Convengamos entonces que así es la Vida.
Pero, al mismo tiempo, y más allá de esa inexorable fuerza y ley del turbión fenoménico, yéndonos psiquismo adentro me interesa investigar si esos contenidos de nuestra mente –la envidia, la mentira, la ambición, el odio, la codicia, la extrañeza del otro, la servidumbre impuesta, la insociabilidad, la máscara de la respetabilidad, el disfraz del engaño, la agresividad solapada de la soledad, el insulto (“saltar sobre el otro”) violento y provocador, la ira desatada, la burla despreciativa, la discriminación racial feroz, el supremacismo de la ciencia, la imposición excomulgante de las religiones y la política– son realmente una invención de la competitividad aprendida ya en nuestra infancia desde el colegio.
Así, se nos educa para competir. Algunos, para ser guerreros inmisericordes. Otros, para saborear el gusto a sangre del asesinato…
Los norteamericanos, uno de los pueblo deportivos más estimulado por su gobierno, no dicen de alguien que es un ganador, sino que no es un perdedor.
Ser un perdedor es sinónimo, para ellos, de ser alguien condenado a no existir, barrido de la vida de relación.

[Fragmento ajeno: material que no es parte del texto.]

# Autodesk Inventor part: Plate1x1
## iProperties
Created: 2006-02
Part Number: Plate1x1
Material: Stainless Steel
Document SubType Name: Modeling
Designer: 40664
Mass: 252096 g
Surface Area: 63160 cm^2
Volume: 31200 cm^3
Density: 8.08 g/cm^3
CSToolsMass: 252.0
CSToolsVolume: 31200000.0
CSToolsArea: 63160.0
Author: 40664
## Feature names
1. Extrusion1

Tanto es el desprecio que se siente por ese alguien que ha quedado fuera de la competencia misma. Tanto desamor que se inyecta en lo minusválido de una persona no realizada.
¿Cómo esperar, de este modo, que haya paz?
La paz es la suprema palabra que debería importarnos a todos. Suficiente guerra hay ya dentro de nuestra intimidad de conciencia, condicionada y estimulada en la competencia por sobresalir y alcanzar el éxito.
La paradoja es que logrando el éxito uno queda fuera de sí mismo, queda hueco como un molde para hacer la figura de cera, queda vacío, hecho un androide. Etimol. “éxito” es “quedar, salir”. Es lo contrario de lo que se busca, puesto que el éxito obliga a conservar el título o trofeo ganado, y entonces la pobre víctima del éxito ya no tiene más vida interior: depende del espejismo social…
El ajedrez, entonces, desde su creación como un juego-competencia, significa que es un tablero bélico, en que la inteligencia creadora queda sustituida por la estrategia de la astucia. Estrategia es estrategia, no alude a otra cosa, y estratega es ese: el que planifica la guerra.
No insistiremos más en este aspecto, en que cada pieza de los 64 casilleros o escaques representan figuras guerreras sobre el campo de batalla de la competencia.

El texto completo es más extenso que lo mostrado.